溫容看了身上的大紅嫁衣趕忙脫掉,陸謹言按住她的手,搖搖頭:“你穿嫁衣的樣子很美。”
冷靜下來后,溫容躺在陸謹言手臂上,拈起他一縷頭發把完:“對不起,我只是突然想再辦場婚禮,我沒有想到...會給你帶來這么大的傷害。”
陸謹言捲起手臂將人往懷里帶:“無論你做了什么事,永遠都不用跟我道歉,反倒是我要跟你道歉的事,多著呢,像是我把你在廚房做得梅花糖給吃光了。”
“你...”溫容本想發作,但經過剛才,氣也氣不出,她打了陸謹言胸口,小聲埋怨:“你別轉移話題。”
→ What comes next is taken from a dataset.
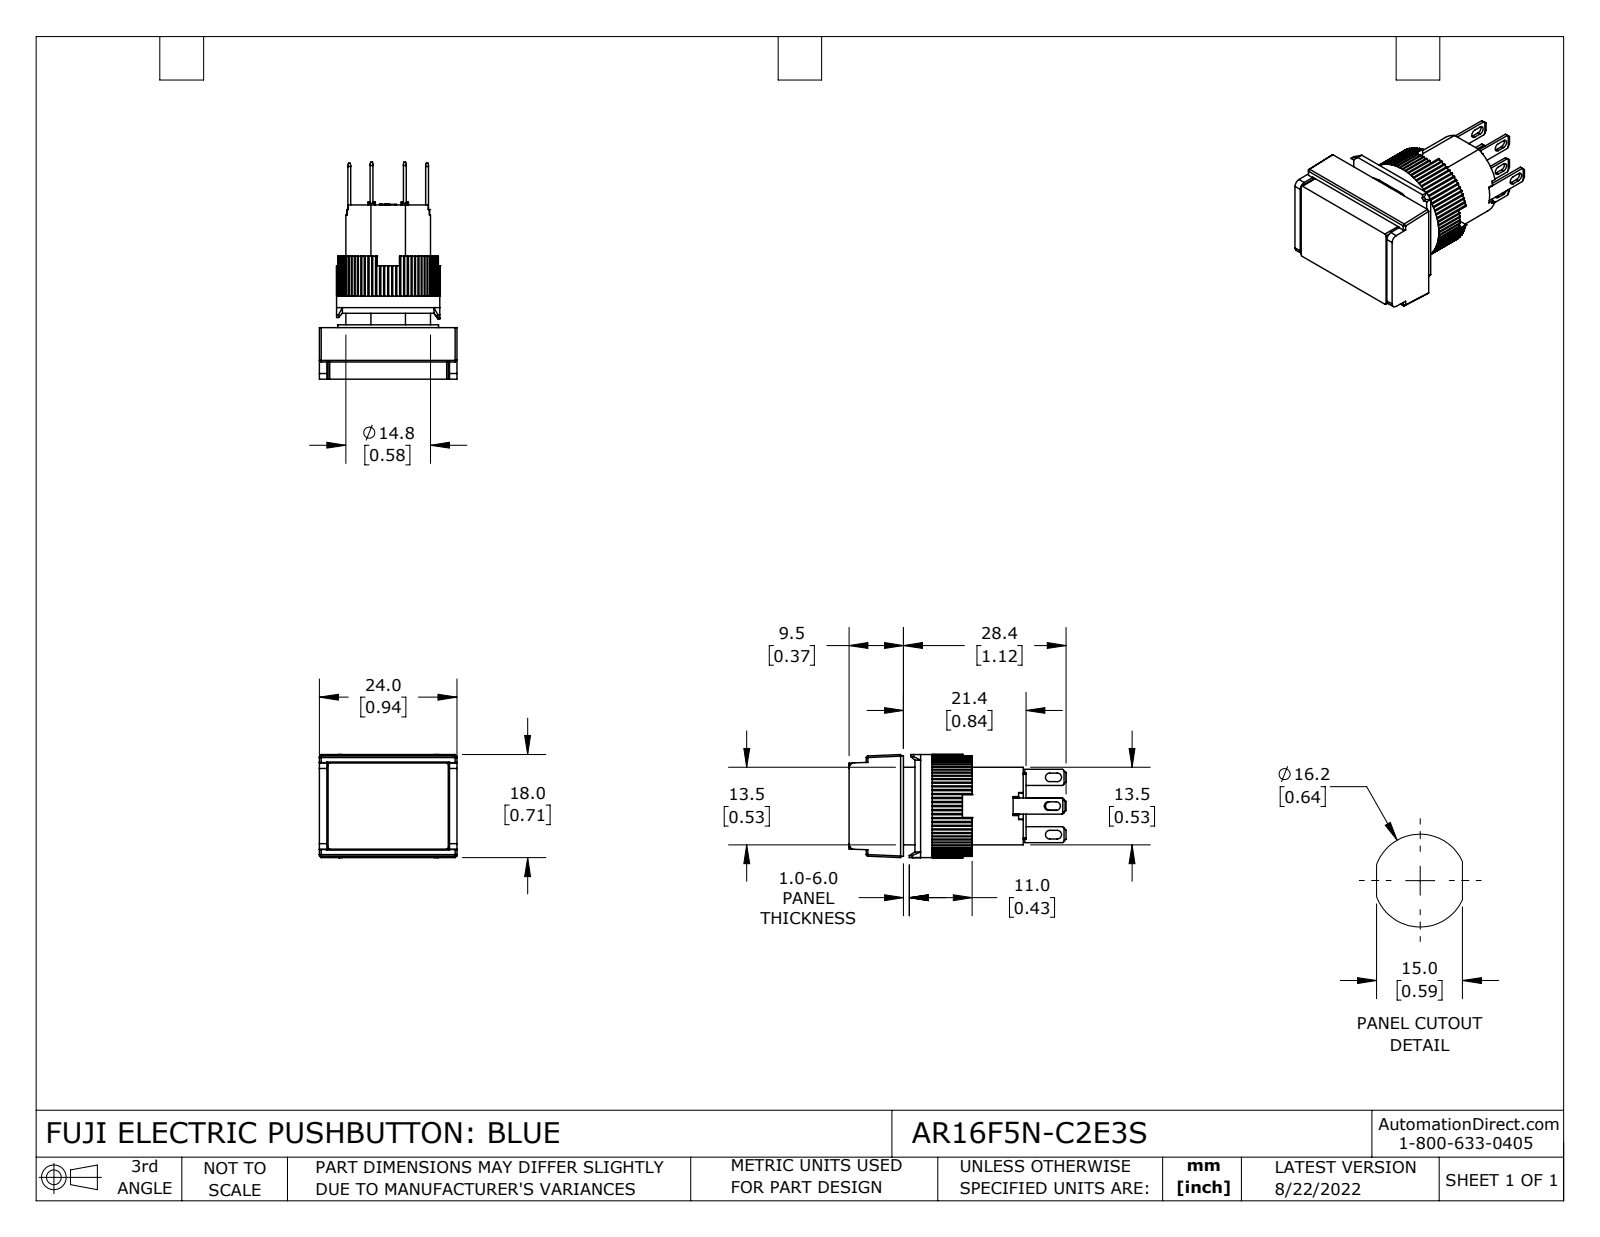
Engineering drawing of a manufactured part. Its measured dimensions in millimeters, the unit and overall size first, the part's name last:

于是陸謹言問她怎么心血來潮想再辦場婚禮,她說也不算婚禮,只是想要來場屬于兩人的婚禮,沒有那些糟心親戚,沒有其他人,沒有算計與陰謀,就只有兩人身著嫁衣,彼此拜天地,洞房花燭前喝交杯酒。
她最后總結是:“新的開始。”
如果一開始知道她穿嫁衣是為這理由,他的反應應當就不會這么大。
“好啊,那我們挑個好日子。”
溫容猶豫道:“可你...沒關係嗎?”
“沒關係,我也該走過這道坎。”他捏著溫容的臉頰:“應當說你這么做才是對的,如果把這問題繼續放著,也許有一日我...”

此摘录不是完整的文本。